Where abouts can i get them, I'm in the Reading area btw.


----------



## vala (Sep 28, 2008)

exotic pets (google them) say they have silkworms available for sale.


----------



## woodrott (Sep 14, 2008)

Denji said:


> Where abouts can i get them, I'm in the Reading area btw.

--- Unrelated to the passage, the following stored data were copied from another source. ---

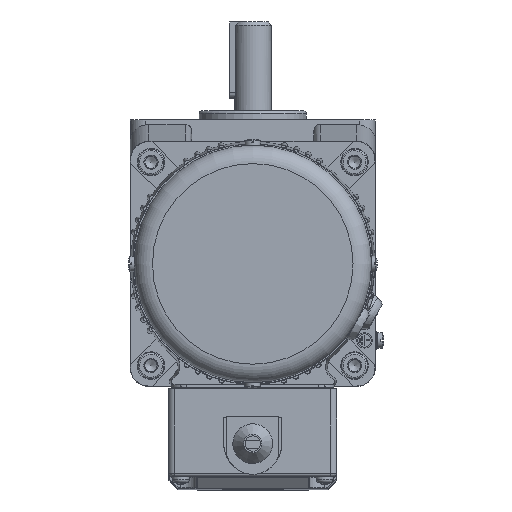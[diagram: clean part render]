
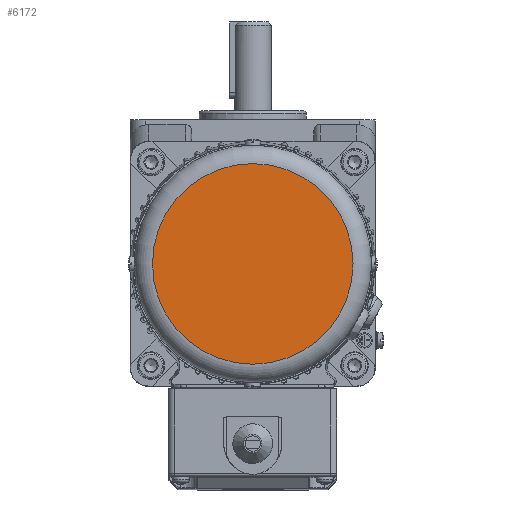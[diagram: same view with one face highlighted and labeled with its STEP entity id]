
A CAD part, left-side view. The second image highlights one B-rep face of the part: STEP entity #6172.
In plain terms, the highlighted planar face has unit normal (-1, 0, 0).
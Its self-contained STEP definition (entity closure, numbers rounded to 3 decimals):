
#6172=ADVANCED_FACE('',(#8627),#7873,.F.);
#7873=PLANE('',#27932);
#8627=FACE_OUTER_BOUND('',#10056,.T.);
#10056=EDGE_LOOP('',(#12069));
#12069=ORIENTED_EDGE('',*,*,#22622,.F.);
#20029=VERTEX_POINT('',#38061);
#22622=EDGE_CURVE('',#20029,#20029,#26636,.T.);
#26636=CIRCLE('',#27931,32.75);
#27931=AXIS2_PLACEMENT_3D('',#38060,#30754,#30755);
#27932=AXIS2_PLACEMENT_3D('',#38062,#30756,#30757);
#30754=DIRECTION('',(1.,0.,0.));
#30755=DIRECTION('',(0.,0.,-1.));
#30756=DIRECTION('',(1.,0.,0.));
#30757=DIRECTION('',(0.,0.,-1.));
#38060=CARTESIAN_POINT('',(-132.,40.,40.));
#38061=CARTESIAN_POINT('',(-132.,40.,7.25));
#38062=CARTESIAN_POINT('',(-132.,40.,40.));
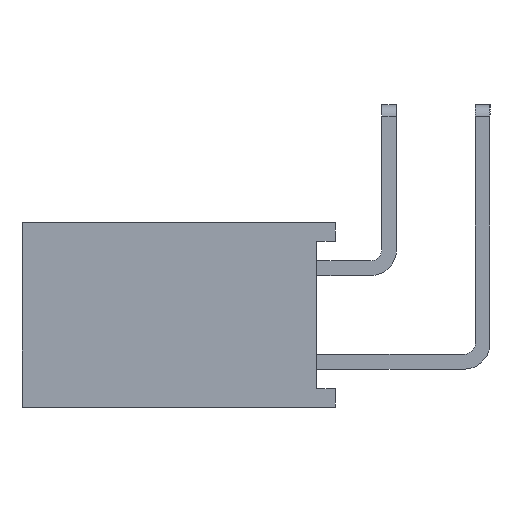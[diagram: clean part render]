
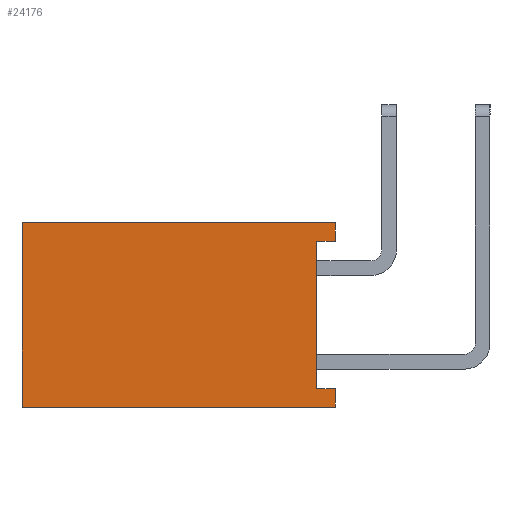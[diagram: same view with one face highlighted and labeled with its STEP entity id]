
A CAD part, left-side view. The second image highlights one B-rep face of the part: STEP entity #24176.
In plain terms, the highlighted planar face has unit normal (-1, 0, 0).
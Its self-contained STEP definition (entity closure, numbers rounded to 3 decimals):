
#59 = CARTESIAN_POINT ( 'NONE',  ( -12.7, 0., -0.5 ) ) ;
#1107 = EDGE_CURVE ( 'NONE', #15449, #22729, #18635, .T. ) ;
#1184 = CARTESIAN_POINT ( 'NONE',  ( -12.7, 0., -5. ) ) ;
#1280 = VECTOR ( 'NONE', #33409, 1000. ) ;
#3264 = AXIS2_PLACEMENT_3D ( 'NONE', #28766, #25942, #34816 ) ;
#3854 = CARTESIAN_POINT ( 'NONE',  ( -12.7, 0., -4.5 ) ) ;
#4032 = DIRECTION ( 'NONE',  ( 0., 0., 1. ) ) ;
#4980 = DIRECTION ( 'NONE',  ( 0., 1., 0. ) ) ;
#5279 = LINE ( 'NONE', #20007, #31471 ) ;
#5907 = VECTOR ( 'NONE', #21000, 1000. ) ;
#7129 = VERTEX_POINT ( 'NONE', #21409 ) ;
#7631 = VERTEX_POINT ( 'NONE', #3854 ) ;
#7807 = LINE ( 'NONE', #30852, #16816 ) ;
#7968 = ORIENTED_EDGE ( 'NONE', *, *, #1107, .F. ) ;
#8909 = VERTEX_POINT ( 'NONE', #15939 ) ;
#9171 = CARTESIAN_POINT ( 'NONE',  ( -12.7, 8.5, 0. ) ) ;
#9560 = LINE ( 'NONE', #15411, #13503 ) ;
#9702 = EDGE_CURVE ( 'NONE', #8909, #7631, #10555, .T. ) ;
#10137 = DIRECTION ( 'NONE',  ( 0., 0., -1. ) ) ;
#10156 = EDGE_LOOP ( 'NONE', ( #21264, #24984, #32474, #10892, #33996, #22034, #30767, #7968 ) ) ;
#10555 = LINE ( 'NONE', #33774, #1280 ) ;
#10892 = ORIENTED_EDGE ( 'NONE', *, *, #16595, .F. ) ;
#11347 = VERTEX_POINT ( 'NONE', #59 ) ;
#12208 = CARTESIAN_POINT ( 'NONE',  ( -12.7, 0.5, -4.5 ) ) ;
#12520 = EDGE_CURVE ( 'NONE', #8909, #31301, #30055, .T. ) ;
#13168 = VERTEX_POINT ( 'NONE', #9171 ) ;
#13503 = VECTOR ( 'NONE', #23913, 1000. ) ;
#15411 = CARTESIAN_POINT ( 'NONE',  ( -12.7, 0., -0.5 ) ) ;
#15449 = VERTEX_POINT ( 'NONE', #28308 ) ;
#15706 = EDGE_CURVE ( 'NONE', #22729, #7631, #32652, .T. ) ;
#15939 = CARTESIAN_POINT ( 'NONE',  ( -12.7, 0., -5. ) ) ;
#16355 = CARTESIAN_POINT ( 'NONE',  ( -12.7, 0.5, -1.099 ) ) ;
#16595 = EDGE_CURVE ( 'NONE', #31301, #13168, #5279, .T. ) ;
#16816 = VECTOR ( 'NONE', #4980, 1000. ) ;
#16981 = VECTOR ( 'NONE', #10137, 1000. ) ;
#18635 = LINE ( 'NONE', #16355, #16981 ) ;
#20007 = CARTESIAN_POINT ( 'NONE',  ( -12.7, 8.5, -5. ) ) ;
#21000 = DIRECTION ( 'NONE',  ( 0., 1., 0. ) ) ;
#21264 = ORIENTED_EDGE ( 'NONE', *, *, #23855, .F. ) ;
#21409 = CARTESIAN_POINT ( 'NONE',  ( -12.7, 0., 0. ) ) ;
#21994 = VECTOR ( 'NONE', #4032, 1000. ) ;
#22034 = ORIENTED_EDGE ( 'NONE', *, *, #9702, .T. ) ;
#22729 = VERTEX_POINT ( 'NONE', #12208 ) ;
#23124 = PLANE ( 'NONE',  #3264 ) ;
#23302 = FACE_OUTER_BOUND ( 'NONE', #10156, .T. ) ;
#23855 = EDGE_CURVE ( 'NONE', #11347, #15449, #9560, .T. ) ;
#23913 = DIRECTION ( 'NONE',  ( 0., 1., 0. ) ) ;
#24144 = CARTESIAN_POINT ( 'NONE',  ( -12.7, 0., -4.5 ) ) ;
#24176 = ADVANCED_FACE ( 'NONE', ( #23302 ), #23124, .T. ) ;
#24984 = ORIENTED_EDGE ( 'NONE', *, *, #26580, .T. ) ;
#25169 = CARTESIAN_POINT ( 'NONE',  ( -12.7, 8.5, -5. ) ) ;
#25396 = VECTOR ( 'NONE', #33386, 1000. ) ;
#25942 = DIRECTION ( 'NONE',  ( -1., 0., 0. ) ) ;
#26580 = EDGE_CURVE ( 'NONE', #11347, #7129, #35011, .T. ) ;
#28308 = CARTESIAN_POINT ( 'NONE',  ( -12.7, 0.5, -0.5 ) ) ;
#28766 = CARTESIAN_POINT ( 'NONE',  ( -12.7, 0., -5. ) ) ;
#29805 = EDGE_CURVE ( 'NONE', #7129, #13168, #7807, .T. ) ;
#30055 = LINE ( 'NONE', #1184, #5907 ) ;
#30767 = ORIENTED_EDGE ( 'NONE', *, *, #15706, .F. ) ;
#30852 = CARTESIAN_POINT ( 'NONE',  ( -12.7, 0., 0. ) ) ;
#31301 = VERTEX_POINT ( 'NONE', #25169 ) ;
#31471 = VECTOR ( 'NONE', #36826, 1000. ) ;
#32474 = ORIENTED_EDGE ( 'NONE', *, *, #29805, .T. ) ;
#32558 = CARTESIAN_POINT ( 'NONE',  ( -12.7, 0., -5. ) ) ;
#32652 = LINE ( 'NONE', #24144, #25396 ) ;
#33386 = DIRECTION ( 'NONE',  ( 0., -1., 0. ) ) ;
#33409 = DIRECTION ( 'NONE',  ( 0., 0., 1. ) ) ;
#33774 = CARTESIAN_POINT ( 'NONE',  ( -12.7, 0., -5. ) ) ;
#33996 = ORIENTED_EDGE ( 'NONE', *, *, #12520, .F. ) ;
#34816 = DIRECTION ( 'NONE',  ( 0., 0., 1. ) ) ;
#35011 = LINE ( 'NONE', #32558, #21994 ) ;
#36826 = DIRECTION ( 'NONE',  ( 0., 0., 1. ) ) ;

silk worms from www.butterworm.co.uk 

hornworms you cannot get in the uk


----------



## kaimarion (Dec 31, 2007)

I think you would probably be better off getting butter worms over silk worms as you really don't get many silks for your money and they aren't all that big.


----------



## Denji (Apr 18, 2009)

woodrott said:


> silk worms from www.butterworm.co.uk
> 
> hornworms you cannot get in the uk


D'OH, Cheers guys


----------



## dragon40 (Feb 12, 2009)

*horn worms /silkworms*



Denji said:


> D'OH, Cheers guys


 
hi m8 
when ordering your silk worms or butterworms 
ask him about hornworm when i spoke 2 him about this.. i am sure he said he might be gettiing a uk version of the hornworm,,,very soon....good luck :2thumb:
www.butterworm.co.uk


----------